Playing with a lead suited the District 17 Democrats.
Riding a national pro-progressive wave and local surge of registrations, Sen. Meg Burton Cahill and Reps. Ed Ableser and David Schapira were re-elected to their offices, based on returns from nearly 80 percent of the polls.
This was the first time in recent memory the Democratic Party successfully defended an East Valley district’s three seats. District 17 takes in Tempe and south Scottsdale.
Burton Cahill beat Republican challenger Jesse Hernandez by 23 percent. The margin was almost identical to what she received two years ago in successfully making the jump from the House to the Senate.
In the House, Schapira collected 31 percent of the votes and Ableser took in 29 percent. Both are first-term incumbents.
Falling short were the GOP’s Mark Thompson (22 percent) and Wes Waddle (18 percent). Thompson was seeking to regain the seat he lost in the 2004 Republican primary.
A big factor in the race’s outcome was not the candidates, but the voters.

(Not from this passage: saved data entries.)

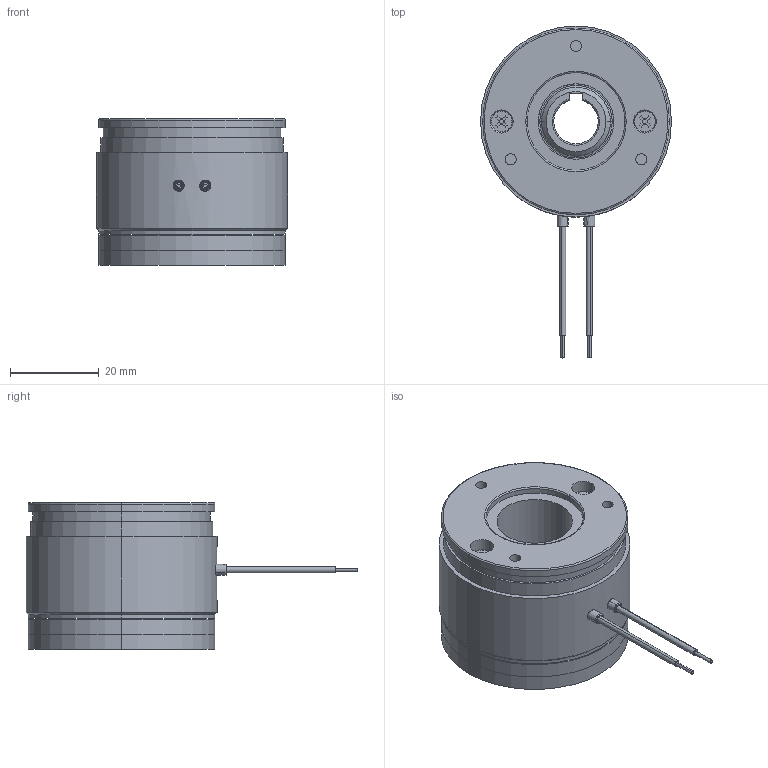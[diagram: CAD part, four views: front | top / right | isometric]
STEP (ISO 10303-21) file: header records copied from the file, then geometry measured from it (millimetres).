
FILE_DESCRIPTION (( 'STEP AP214' ), '1' );
FILE_NAME ('04P1320.STEP', '2026-04-23T06:18:08', ( '' ), ( '' ), 'SwSTEP 2.0', 'SolidWorks 2025', '' );
FILE_SCHEMA (( 'AUTOMOTIVE_DESIGN' ));
Length unit declared in the file: millimetre
Products named in the file (10): 10088626swp000_genietet (2,35mm Klemmlänge); 10088631swa000; 04P1320; 10088627swa000; 10088624swp000; 10088625swp000; 10088626swp000_Einbaulänge 2,15mm; 10088628swp000; 10088629swp000; 10088630swp000
Assembly tree (18 placements, depth 4):
  04P1320
    10088624swp000
    10088631swa000
      10088630swp000
      10088627swa000
        10088628swp000
        10088625swp000
        10088626swp000_genietet (2,35mm Klemmlänge)  x3
        10088629swp000  x3
      10088626swp000_Einbaulänge 2,15mm  x3
      10088629swp000  x3
Bounding box: 43 x 74.7 x 33 mm (x, y, z)
Volume: 38819.5 mm3; surface area: 17738.4 mm2
Topology: 18 solids, 18 shells, 381 faces, 856 edges, 524 vertices
Faces by surface type: cylinder 161, cone 94, plane 74, torus 40, sphere 12
Entity records: 8193 total; most frequent: DIRECTION 1516, CARTESIAN_POINT 1434, ORIENTED_EDGE 1216, AXIS2_PLACEMENT_3D 630, EDGE_CURVE 608, VERTEX_POINT 380, CIRCLE 340, EDGE_LOOP 334
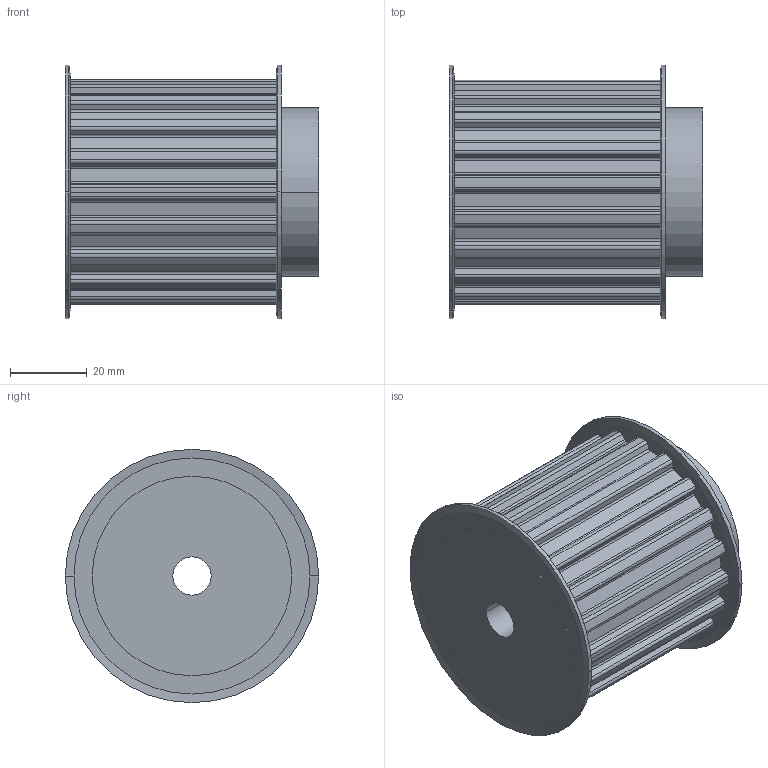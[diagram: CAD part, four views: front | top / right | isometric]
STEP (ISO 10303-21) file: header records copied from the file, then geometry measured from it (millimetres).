
FILE_DESCRIPTION( ( '' ), '1' );
FILE_NAME( 'C:/Users/Stangenbergd/Documents/CAD_Step/1/16451900.stp', '2021-10-19T09:01:09', ( '' ), ( '' ), ' ', ' ', ' ' );
FILE_SCHEMA( ( 'CONFIG_CONTROL_DESIGN' ) );
Length unit declared in the file: millimetre
Products named in the file (1): 1
Bounding box: 66.17 x 66 x 66 mm (x, y, z)
Volume: 148904 mm3; surface area: 25329.7 mm2
Topology: 1 solids, 1 shells, 180 faces, 511 edges, 338 vertices
Faces by surface type: cylinder 108, plane 64, cone 8
Entity records: 5983 total; most frequent: DIRECTION 1097, CARTESIAN_POINT 1030, ORIENTED_EDGE 1022, EDGE_CURVE 511, AXIS2_PLACEMENT_3D 405, VERTEX_POINT 338, LINE 287, VECTOR 287

Until this election cycle, the Democrats had never held an edge in the district’s voter registration. According to the final figures released by the Secretary of State’s Office, the Democratic Party led the GOP by nearly 3,700 voters in the district, an advantage of 4.5 percentage points.
As for the campaign itself, the most notable issue was a series of signs attacking Ableser and Burton Cahill for stands perceived as too lenient on illegal immigration.
The signs were posted by the sign maker for Hernandez and Thompson.
The largest local issue was Gov. Janet Napolitano’s economic stimulus plan, which is centered on infrastructure improvements at the state’s three public universities.
District 17 takes in Arizona State University.
The Democratic incumbents, as could be expected, back the stimulus package. But the Republicans believe the state should save its money.